Justification: The Attribute type of Bathram is ‘Nominal’ as it cannot be ordered; it represents discrete             units and is used to label variables that have no quantitative value. Such type of attributes usually does not have a meaningful order. This implies that they are not quantitative. The values of a nominal attribute are symbols or names of things. – Each value represents some kind of category, code, or state Nominal attributes are also referred to as categorical attributes. The values of nominal attributes do not have any meaningful order. Example: The attribute marital status can take on the values single, married, divorced, and widowed. Because nominal attribute values do not have any meaningful order about them and they are not quantitative. – It makes no sense to find the mean (average) value or median (middle) value for such an attribute. – However, we can find the attribute’s most commonly occurring value (mode). A binary attribute is a special nominal attribute with only two states: 0 or 1. A binary attribute is symmetric if both of its states are equally valuable and carry the same weight. – Example: the attribute gender having the states male and female. A binary attribute is asymmetric if the outcomes of the states are not equally important. – Example: Positive and negative outcomes of a medical test for HIV. – By convention, we code the most important outcome, which is usually the rarest one, by 1 (e.g., HIV positive) and the other by 0 (e.g., HIV negative).

The values of a nominal attribute are just different names, i.e., nominal attributes provide only enough information to distinguish one object from another. (=, ¹)

Attribute Name: HF-BATHRM

Attribute Type: Interval

Justification: This interval represents real data which can be measured and ranked. It gives an aspect of quantitative data which can be assigned specific values of the measures of central tendency. It is the most common measure of qualitative data. Researchers have to look in to the interval qualitative data before making any conclusion about data that they have been provided with. It shows the sequence of flow of data from one point to another. In other words, shows how data is correlated. It is used in constructing bar charts, pie charts and other statistical diagrams. Interval attributes provide sufficient data for order objects and are always represented by positive integers.

Attribute Name: HEAT

Attribute Type: Ordinal

Justification: Heat is classified as an ordinal attribute because of its nature. It can be classified as small, medium and large. This means that it is not a variable but rather a discrete data. It touches on all the aspects of measures of central tendency which include the mean, the mode and the median. It can be ranked making it a complete ordinal object. It is one of the major attributes that has to be looked into when researching about qualitative data.

Attribute Name: HEAT_D

Attribute Type: Ratio

Justification: A ratio attribute is a numeric attribute with an inherent zero-point. Example: A number of words attribute is a ratio attribute. – If a measurement is ratio-scaled, we can speak of a value as being a multiple (or ratio) of another value. The central tendency of an ratio attribute can be represented by its mode, its median (middle value in an ordered sequence), and it’s mean.
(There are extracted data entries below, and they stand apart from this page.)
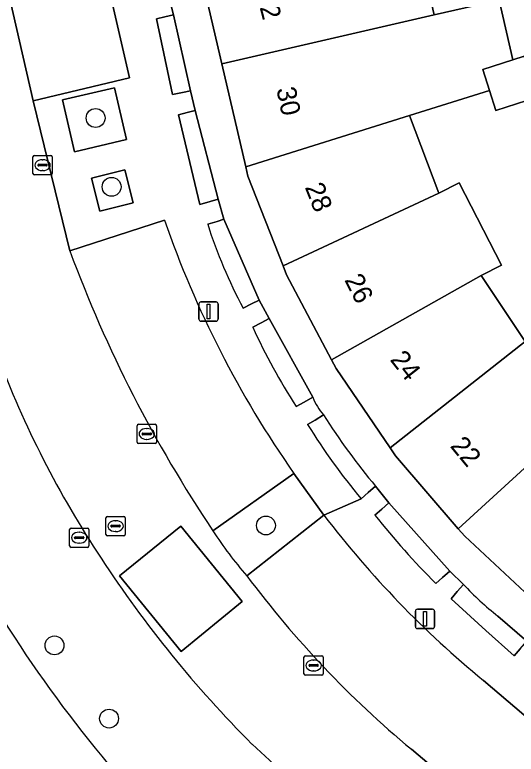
# Model space of a CAD drawing. Extents: x 156412 to 157779, y 382335 to 383768.
# Drawn here: x 157024.9 to 157050.87, y 382894.98 to 382933.25 of the extents above; entities that cross this region are included whole.
import ezdxf

# ---------------------------------------------------------------- set-up
doc = ezdxf.new("R2010")
doc.units = 0
for name, color, linetype in [('IMGEO_Berm_groen', 7, 'Continuous'), ('IMGEO_Boom', 7, 'Continuous'), ('IMGEO_Erf', 7, 'Continuous'), ('IMGEO_Groenvoorziening', 7, 'Continuous'), ('IMGEO_Haag', 7, 'Continuous'), ('IMGEO_Kolk', 7, 'Continuous'), ('IMGEO_Lichtmast', 7, 'Continuous'), ('IMGEO_OVBaan_gesloten', 7, 'Continuous'), ('IMGEO_Pand', 7, 'Continuous'), ('IMGEO_Pand_nummerreeks', 7, 'Continuous'), ('IMGEO_Parkeervlak_open', 7, 'Continuous'), ('IMGEO_Rijbaan_lokaal_gesloten', 7, 'Continuous'), ('IMGEO_Rijbaan_lokaal_open', 7, 'Continuous'), ('IMGEO_Rioolput', 7, 'Continuous'), ('IMGEO_Voetpad_open', 7, 'Continuous')]:
    doc.layers.add(name, color=color, linetype=linetype)

msp = doc.modelspace()

# ---------------------------------------------------------------- linework, layer by layer
at = {"layer": 'IMGEO_Berm_groen'}
for points in [[(157040.904, 382907.361), (157039.349, 382909.517), (157035.16, 382906.543)], [(157036.914, 382904.221), (157040.904, 382907.361)], [(157033.831, 382890.025), (157036.951, 382886.961), (157041.226, 382891.768), (157037.183, 382895.505)]]:
    msp.add_lwpolyline(points, dxfattribs=at)
for centre, radius, start, end in [((157073.619, 382934.389), 53.056, 200.6417, 213.4778), ((157050.99, 382916.677), 18.796, 212.6271, 221.5065), ((157080.152, 382938.419), 60.729, 213.2488, 224.96314), ((157080.911, 382937.438), 66.817, 210.18195, 225.20205), ((157072.354, 382932.861), 64.885, 210.9363, 229.54412)]:
    msp.add_arc(centre, radius, start, end, dxfattribs=at)
at = {"layer": 'IMGEO_Boom'}
for centre in [(157029.082, 382927.908), (157029.912, 382924.346), (157037.906, 382906.82), (157026.953, 382900.613), (157029.779, 382896.825)]:
    msp.add_circle(centre, 0.489, dxfattribs=at)
at = {"layer": 'IMGEO_Erf'}
for points in [[(157033.388, 382968.999), (157025.312, 382967.098), (157026.438, 382961.994), (157026.708, 382960.971), (157027.168, 382959.149), (157027.386, 382958.094), (157028.3, 382954.14), (157028.516, 382953.106), (157029.418, 382949.184), (157029.615, 382948.171), (157030.556, 382944.265), (157030.788, 382943.23), (157031.737, 382939.296), (157031.943, 382938.26), (157032.864, 382934.281), (157033.111, 382933.246), (157034.001, 382929.316), (157034.235, 382928.299), (157035.422, 382923.7), (157035.726, 382922.668), (157037.556, 382918.474), (157038.079, 382917.533), (157040.336, 382913.453)], [(157045.462, 382938.216), (157046.61, 382933.247), (157049.976, 382934.025), (157050.695, 382930.914), (157051.275, 382931.1), (157053.417, 382931.79), (157052.698, 382938.729)], [(157082.934, 382876.466), (157079.046, 382879.765), (157075.157, 382883.065), (157071.268, 382886.365), (157067.379, 382889.664), (157063.49, 382892.964), (157059.602, 382896.263), (157055.713, 382899.563), (157051.839, 382902.879), (157048.2, 382906.264), (157047.866, 382906.651), (157044.615, 382910.42), (157044.337, 382910.83), (157041.542, 382914.944), (157041.305, 382915.392), (157038.976, 382919.795), (157038.795, 382920.253), (157036.968, 382924.901), (157036.857, 382925.379), (157035.623, 382930.709), (157034.472, 382935.677)], [(157051.956, 382928.99), (157049.811, 382928.301), (157049.482, 382929.324), (157045.342, 382928.03), (157046.862, 382924.018), (157047.911, 382924.558), (157050.105, 382920.297), (157049.056, 382919.757), (157051.324, 382916.339)], [(157043.586, 382908.852), (157044.265, 382907.992), (157047.422, 382904.462), (157048.129, 382903.772)], [(157049.923, 382902.132), (157051.414, 382900.824), (157052.174, 382900.111), (157055.262, 382897.527), (157056.106, 382896.836), (157059.141, 382894.249), (157059.952, 382893.555), (157063.086, 382890.937), (157063.917, 382890.211), (157066.966, 382887.621), (157067.779, 382886.911), (157070.828, 382884.357), (157071.619, 382883.687), (157074.699, 382881.06), (157075.52, 382880.404), (157078.608, 382877.784), (157079.414, 382877.065), (157082.481, 382874.48)]]:
    msp.add_lwpolyline(points, dxfattribs=at)
for centre, radius, start, end in [((157042.905, 382914.392), 2.735, 200.0704, 222.6108), ((157069.198, 382930.389), 33.464, 212.2344, 220.0602), ((157058.267, 382913.061), 13.75, 222.4971, 232.6384)]:
    msp.add_arc(centre, radius, start, end, dxfattribs=at)
at = {"layer": 'IMGEO_Groenvoorziening'}
for points in [[(157034.001, 382929.316), (157033.111, 382933.246), (157032.669, 382933.143), (157032.232, 382933.042), (157033.067, 382929.127), (157033.577, 382929.23)], [(157030.679, 382926.79), (157030.054, 382929.478), (157027.363, 382928.852), (157027.988, 382926.164)], [(157035.422, 382923.7), (157034.235, 382928.299), (157033.818, 382928.192), (157033.382, 382928.08), (157034.488, 382923.434), (157035.022, 382923.586)], [(157031.031, 382923.521), (157030.604, 382925.227), (157028.876, 382924.795), (157029.303, 382923.089)]]:
    msp.add_lwpolyline(points, close=True, dxfattribs=at)
for points in [[(157036.723, 382918.071), (157037.163, 382918.284), (157037.556, 382918.474), (157035.726, 382922.668), (157035.374, 382922.558), (157034.891, 382922.406)], [(157039.476, 382912.977), (157039.881, 382913.201), (157040.336, 382913.453), (157038.079, 382917.533), (157037.651, 382917.304), (157037.228, 382917.079)], [(157040.892, 382912.54), (157040.454, 382912.274), (157040.065, 382912.038)], [(157042.838, 382908.2), (157043.203, 382908.518), (157043.586, 382908.852)], [(157046.699, 382903.818), (157047.054, 382904.134), (157047.422, 382904.462), (157044.265, 382907.992), (157043.908, 382907.672), (157043.553, 382907.354)], [(157048.129, 382903.772), (157047.813, 382903.396), (157047.504, 382903.029), (157049.299, 382901.379), (157050.762, 382900.082), (157051.069, 382900.431), (157051.414, 382900.824), (157049.923, 382902.132)]]:
    msp.add_lwpolyline(points, dxfattribs=at)
for centre, radius, start, end in [((157059.514, 382930.257), 25.845, 197.6853, 208.1332), ((157065.241, 382929.764), 30.752, 204.362, 213.0857), ((157069.198, 382930.389), 33.464, 212.2344, 220.0602), ((157068.389, 382929.582), 33.318, 211.7738, 219.9233), ((157075.858, 382932.929), 41.203, 218.3671, 224.9522), ((157058.267, 382913.061), 13.75, 222.4971, 232.6384)]:
    msp.add_arc(centre, radius, start, end, dxfattribs=at)
at = {"layer": 'IMGEO_Haag'}
for points in [[(157034.001, 382929.316), (157033.111, 382933.246), (157032.669, 382933.143), (157032.232, 382933.042), (157033.067, 382929.127), (157033.577, 382929.23)], [(157035.422, 382923.7), (157034.235, 382928.299), (157033.818, 382928.192), (157033.382, 382928.08), (157034.488, 382923.434), (157035.022, 382923.586)]]:
    msp.add_lwpolyline(points, close=True, dxfattribs=at)
for points in [[(157036.723, 382918.071), (157037.163, 382918.284), (157037.556, 382918.474), (157035.726, 382922.668), (157035.374, 382922.558), (157034.891, 382922.406)], [(157039.476, 382912.977), (157039.881, 382913.201), (157040.336, 382913.453), (157038.079, 382917.533), (157037.651, 382917.304), (157037.228, 382917.079)], [(157040.892, 382912.54), (157040.454, 382912.274), (157040.065, 382912.038)], [(157042.838, 382908.2), (157043.203, 382908.518), (157043.586, 382908.852)], [(157046.699, 382903.818), (157047.054, 382904.134), (157047.422, 382904.462), (157044.265, 382907.992), (157043.908, 382907.672), (157043.553, 382907.354)], [(157048.129, 382903.772), (157047.813, 382903.396), (157047.504, 382903.029), (157049.299, 382901.379), (157050.762, 382900.082), (157051.069, 382900.431), (157051.414, 382900.824), (157049.923, 382902.132)]]:
    msp.add_lwpolyline(points, dxfattribs=at)
for centre, radius, start, end in [((157059.514, 382930.257), 25.845, 197.6853, 208.1332), ((157065.241, 382929.764), 30.752, 204.362, 213.0857), ((157069.198, 382930.389), 33.464, 212.2344, 220.0602), ((157068.389, 382929.582), 33.318, 211.7738, 219.9233), ((157075.858, 382932.929), 41.203, 218.3671, 224.9522), ((157058.267, 382913.061), 13.75, 222.4971, 232.6384)]:
    msp.add_arc(centre, radius, start, end, dxfattribs=at)
at = {"layer": 'IMGEO_Kolk'}
for p, q in [((157025.835, 382925.042), (157025.835, 382925.894)), ((157025.91, 382925.968), (157026.762, 382925.968)), ((157026.323, 382925.748), (157026.348, 382925.748)), ((157026.836, 382925.894), (157026.836, 382925.042)), ((157026.094, 382925.462), (157026.094, 382925.474)), ((157026.532, 382925.425), (157026.134, 382925.425)), ((157026.137, 382925.511), (157026.535, 382925.511)), ((157026.578, 382925.474), (157026.578, 382925.462)), ((157026.762, 382924.968), (157025.91, 382924.968)), ((157026.346, 382925.188), (157026.321, 382925.188)), ((157031.232, 382911.131), (157031.232, 382911.983)), ((157031.307, 382912.057), (157032.159, 382912.057)), ((157032.233, 382911.983), (157032.233, 382911.131)), ((157031.491, 382911.551), (157031.491, 382911.563)), ((157031.534, 382911.6), (157031.932, 382911.6)), ((157031.72, 382911.837), (157031.745, 382911.837)), ((157031.975, 382911.563), (157031.975, 382911.551)), ((157031.929, 382911.514), (157031.531, 382911.514)), ((157031.743, 382911.277), (157031.718, 382911.277)), ((157032.159, 382911.057), (157031.307, 382911.057)), ((157039.95, 382900.075), (157040.802, 382900.075)), ((157039.875, 382899.149), (157039.875, 382900.001)), ((157040.363, 382899.855), (157040.388, 382899.855)), ((157040.876, 382900.001), (157040.876, 382899.149)), ((157040.134, 382899.569), (157040.134, 382899.581)), ((157040.572, 382899.532), (157040.174, 382899.532)), ((157040.177, 382899.618), (157040.575, 382899.618)), ((157040.386, 382899.295), (157040.361, 382899.295)), ((157040.618, 382899.581), (157040.618, 382899.569)), ((157040.802, 382899.075), (157039.95, 382899.075))]:
    msp.add_line(p, q, dxfattribs=at)
for points in [[(157025.835, 382925.042), (157025.835, 382925.894)], [(157025.91, 382925.968), (157026.762, 382925.968)], [(157026.836, 382925.894), (157026.836, 382925.042)], [(157026.762, 382924.968), (157025.91, 382924.968)], [(157031.232, 382911.131), (157031.232, 382911.983)], [(157031.307, 382912.057), (157032.159, 382912.057)], [(157032.233, 382911.983), (157032.233, 382911.131)], [(157032.159, 382911.057), (157031.307, 382911.057)], [(157039.95, 382900.075), (157040.802, 382900.075)], [(157039.875, 382899.149), (157039.875, 382900.001)], [(157040.876, 382900.001), (157040.876, 382899.149)], [(157040.802, 382899.075), (157039.95, 382899.075)]]:
    msp.add_lwpolyline(points, dxfattribs=at)
for centre, radius, start, end in [((157025.912, 382925.892), 0.0765, 91.552, 178.448), ((157025.912, 382925.892), 0.0765, 91.552, 178.448), ((157026.76, 382925.892), 0.0765, 1.552, 88.448), ((157026.76, 382925.892), 0.0765, 1.552, 88.448), ((157026.134, 382925.471), 0.0403, 85.8775, 175.7526), ((157026.131, 382925.461), 0.0366, 178.938, 274.7102), ((157026.535, 382925.468), 0.043, 264.8664, 352.4533), ((157026.539, 382925.473), 0.0386, 1.7309, 96.639), ((157025.912, 382925.044), 0.0765, 181.552, 268.448), ((157025.912, 382925.044), 0.0765, 181.552, 268.448), ((157026.76, 382925.044), 0.0765, 271.552, 358.448), ((157026.76, 382925.044), 0.0765, 271.552, 358.448), ((157031.309, 382911.981), 0.0765, 91.552, 178.448), ((157031.309, 382911.981), 0.0765, 91.552, 178.448), ((157032.157, 382911.981), 0.0765, 1.552, 88.448), ((157032.157, 382911.981), 0.0765, 1.552, 88.448), ((157031.531, 382911.56), 0.0403, 85.8775, 175.7526), ((157031.528, 382911.55), 0.0366, 178.938, 274.7102), ((157031.932, 382911.557), 0.043, 264.8664, 352.4533), ((157031.936, 382911.562), 0.0386, 1.7309, 96.639), ((157031.309, 382911.133), 0.0765, 181.552, 268.448), ((157031.309, 382911.133), 0.0765, 181.552, 268.448), ((157032.157, 382911.133), 0.0765, 271.552, 358.448), ((157032.157, 382911.133), 0.0765, 271.552, 358.448), ((157039.952, 382899.999), 0.0765, 91.552, 178.448), ((157039.952, 382899.999), 0.0765, 91.552, 178.448), ((157040.8, 382899.999), 0.0765, 1.552, 88.448), ((157040.8, 382899.999), 0.0765, 1.552, 88.448), ((157040.174, 382899.578), 0.0403, 85.8775, 175.7526), ((157040.171, 382899.568), 0.0366, 178.938, 274.7102), ((157040.575, 382899.575), 0.043, 264.8664, 352.4533), ((157040.579, 382899.58), 0.0386, 1.7309, 96.639), ((157039.952, 382899.151), 0.0765, 181.552, 268.448), ((157039.952, 382899.151), 0.0765, 181.552, 268.448), ((157040.8, 382899.151), 0.0765, 271.552, 358.448), ((157040.8, 382899.151), 0.0765, 271.552, 358.448)]:
    msp.add_arc(centre, radius, start, end, dxfattribs=at)
for centre, major_axis, ratio, start_param, end_param in [((157026.322, 382925.468), (-0.387, 0.002), 0.722429, 4.712389, 7.853982), ((157026.347, 382925.468), (-0.39, 0.002), 0.717154, 1.570796, 4.712389), ((157031.719, 382911.557), (-0.387, 0.002), 0.722429, 4.712389, 7.853982), ((157031.744, 382911.557), (-0.39, 0.002), 0.717154, 1.570796, 4.712389), ((157040.362, 382899.575), (-0.387, 0.002), 0.722429, 4.712389, 7.853982), ((157040.387, 382899.575), (-0.39, 0.002), 0.717154, 1.570796, 4.712389)]:
    msp.add_ellipse(centre, major_axis=major_axis, ratio=ratio, start_param=start_param, end_param=end_param, dxfattribs=at)
at = {"layer": 'IMGEO_Lichtmast'}
for p, q in [((157034.434, 382917.493), (157034.434, 382918.293)), ((157034.434, 382918.293), (157034.434, 382917.493)), ((157034.534, 382918.393), (157035.324, 382918.393)), ((157035.324, 382918.393), (157034.534, 382918.393)), ((157035.424, 382918.293), (157035.424, 382917.493)), ((157035.424, 382917.493), (157035.424, 382918.293)), ((157035.324, 382917.393), (157034.534, 382917.393)), ((157034.534, 382917.393), (157035.324, 382917.393)), ((157045.646, 382901.585), (157045.646, 382902.385)), ((157045.646, 382902.385), (157045.646, 382901.585)), ((157045.746, 382902.485), (157046.536, 382902.485)), ((157046.536, 382902.485), (157045.746, 382902.485)), ((157046.636, 382902.385), (157046.636, 382901.585)), ((157046.636, 382901.585), (157046.636, 382902.385)), ((157046.536, 382901.485), (157045.746, 382901.485)), ((157045.746, 382901.485), (157046.536, 382901.485))]:
    msp.add_line(p, q, dxfattribs=at)
for points in [[(157034.854, 382918.268), (157035.004, 382918.268), (157035.004, 382917.518), (157034.854, 382917.518), (157034.854, 382918.268)], [(157046.066, 382902.36), (157046.216, 382902.36), (157046.216, 382901.61), (157046.066, 382901.61), (157046.066, 382902.36)]]:
    msp.add_lwpolyline(points, dxfattribs=at)
for centre, start, end in [((157034.534, 382918.293), 90, 180), ((157034.534, 382918.293), 90, 180), ((157035.324, 382918.293), 0, 90), ((157035.324, 382918.293), 360, 90), ((157034.534, 382917.493), 180, 270), ((157034.534, 382917.493), 180, 270), ((157035.324, 382917.493), 270, 0), ((157035.324, 382917.493), 270, 0), ((157045.746, 382902.385), 90, 180), ((157045.746, 382902.385), 90, 180), ((157046.536, 382902.385), 0, 90), ((157046.536, 382902.385), 360, 90), ((157045.746, 382901.585), 180, 270), ((157045.746, 382901.585), 180, 270), ((157046.536, 382901.585), 270, 0), ((157046.536, 382901.585), 270, 0)]:
    msp.add_arc(centre, 0.1, start, end, dxfattribs=at)
at = {"layer": 'IMGEO_OVBaan_gesloten'}
for centre, radius, start, end in [((157080.911, 382937.438), 66.817, 210.18195, 225.20205), ((157072.354, 382932.861), 64.885, 210.9363, 229.54412)]:
    msp.add_arc(centre, radius, start, end, dxfattribs=at)
at = {"layer": 'IMGEO_Pand'}
for points in [[(157046.61, 382933.247), (157045.462, 382938.216), (157034.472, 382935.677), (157035.623, 382930.709)], [(157049.482, 382929.324), (157049.133, 382930.411), (157050.695, 382930.914), (157049.976, 382934.025), (157046.61, 382933.247), (157035.623, 382930.709), (157036.857, 382925.379), (157045.342, 382928.03)], [(157051.275, 382931.1), (157050.695, 382930.914), (157049.133, 382930.411), (157049.482, 382929.324), (157049.811, 382928.301), (157051.956, 382928.99)], [(157046.862, 382924.018), (157045.342, 382928.03), (157036.857, 382925.379), (157036.968, 382924.901), (157038.795, 382920.253)], [(157046.862, 382924.018), (157038.795, 382920.253), (157038.976, 382919.795), (157041.305, 382915.392), (157049.056, 382919.757), (157050.105, 382920.297), (157047.911, 382924.558)], [(157041.305, 382915.392), (157041.542, 382914.944), (157044.337, 382910.83), (157051.324, 382916.339), (157049.056, 382919.757)], [(157055.327, 382913.457), (157056.229, 382914.217), (157053.225, 382917.778), (157051.324, 382916.339), (157044.337, 382910.83), (157044.615, 382910.42), (157047.866, 382906.651)], [(157051.839, 382902.879), (157058.192, 382910.708), (157055.327, 382913.457), (157047.866, 382906.651), (157048.2, 382906.264)]]:
    msp.add_lwpolyline(points, close=True, dxfattribs=at)
at = {"layer": 'IMGEO_Parkeervlak_open'}
msp.add_lwpolyline([(157027.462, 382944.644), (157022.489, 382943.43), (157025.841, 382928.792), (157030.834, 382929.979)], close=True, dxfattribs=at)
for points in [[(157032.645, 382922.627), (157027.746, 382921.036)], [(157035.16, 382906.543), (157039.349, 382909.517)], [(157040.904, 382907.361), (157036.914, 382904.221)], [(157045.439, 382895.241), (157050.124, 382891.278), (157053.358, 382895.243), (157049.173, 382898.793)]]:
    msp.add_lwpolyline(points, dxfattribs=at)
for centre, radius, start, end in [((157083.182, 382940.201), 53.505, 199.1746, 214.9927), ((157092.439, 382944.987), 68.984, 200.31605, 213.86864), ((157082.134, 382938.878), 51.896, 217.395, 230.5703), ((157079.013, 382935.651), 52.538, 216.7436, 230.2785)]:
    msp.add_arc(centre, radius, start, end, dxfattribs=at)
at = {"layer": 'IMGEO_Rijbaan_lokaal_gesloten'}
for points in [[(157027.746, 382921.036), (157025.841, 382928.792), (157022.489, 382943.43), (157021.849, 382946.226), (157017.881, 382963.432)], [(157037.183, 382895.505), (157041.226, 382891.768), (157042.249, 382890.822), (157044.62, 382888.63), (157061.218, 382874.44), (157077.707, 382860.082), (157081.107, 382857.364), (157084.265, 382862.356), (157082.72, 382863.641), (157081.081, 382865.071), (157069.573, 382874.83), (157067.367, 382876.712), (157055.811, 382886.492), (157050.124, 382891.278), (157045.439, 382895.241)]]:
    msp.add_lwpolyline(points, dxfattribs=at)
msp.add_lwpolyline([(157033.491, 382906.788), (157036.681, 382902.879), (157033.518, 382900.298), (157030.328, 382904.207)], close=True, dxfattribs=at)
for centre, radius, start, end in [((157092.439, 382944.987), 68.984, 200.31605, 213.86864), ((157073.619, 382934.389), 53.056, 200.6417, 213.4778), ((157050.99, 382916.677), 18.796, 212.6271, 221.5065), ((157080.152, 382938.419), 60.729, 213.2488, 224.96314), ((157079.013, 382935.651), 52.538, 216.7436, 230.2785)]:
    msp.add_arc(centre, radius, start, end, dxfattribs=at)
at = {"layer": 'IMGEO_Rijbaan_lokaal_open'}
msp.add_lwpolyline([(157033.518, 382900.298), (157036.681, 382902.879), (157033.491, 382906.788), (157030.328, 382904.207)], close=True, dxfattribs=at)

For ratio variables, both differences and ratios are meaningful. (*, /)

Data Collection

Comparison of the attributes

Together, nominal and ordinal characteristics are referred to as categorical or qualitative characteristics. – The majority of the features of numbers are absent from qualitative traits like employee ID. Although though they are numerically represented by integers, they should be viewed more like symbols. The median of values has little significance. Quantitative or numerical properties are referred to as interval and ratio together. The majority of the qualities of numbers apply to quantitative attributes, which are represented by numbers. Be aware that quantitative attributes can have continuous or integer values. – Operations on numbers, including mean and standard deviation, have meaning.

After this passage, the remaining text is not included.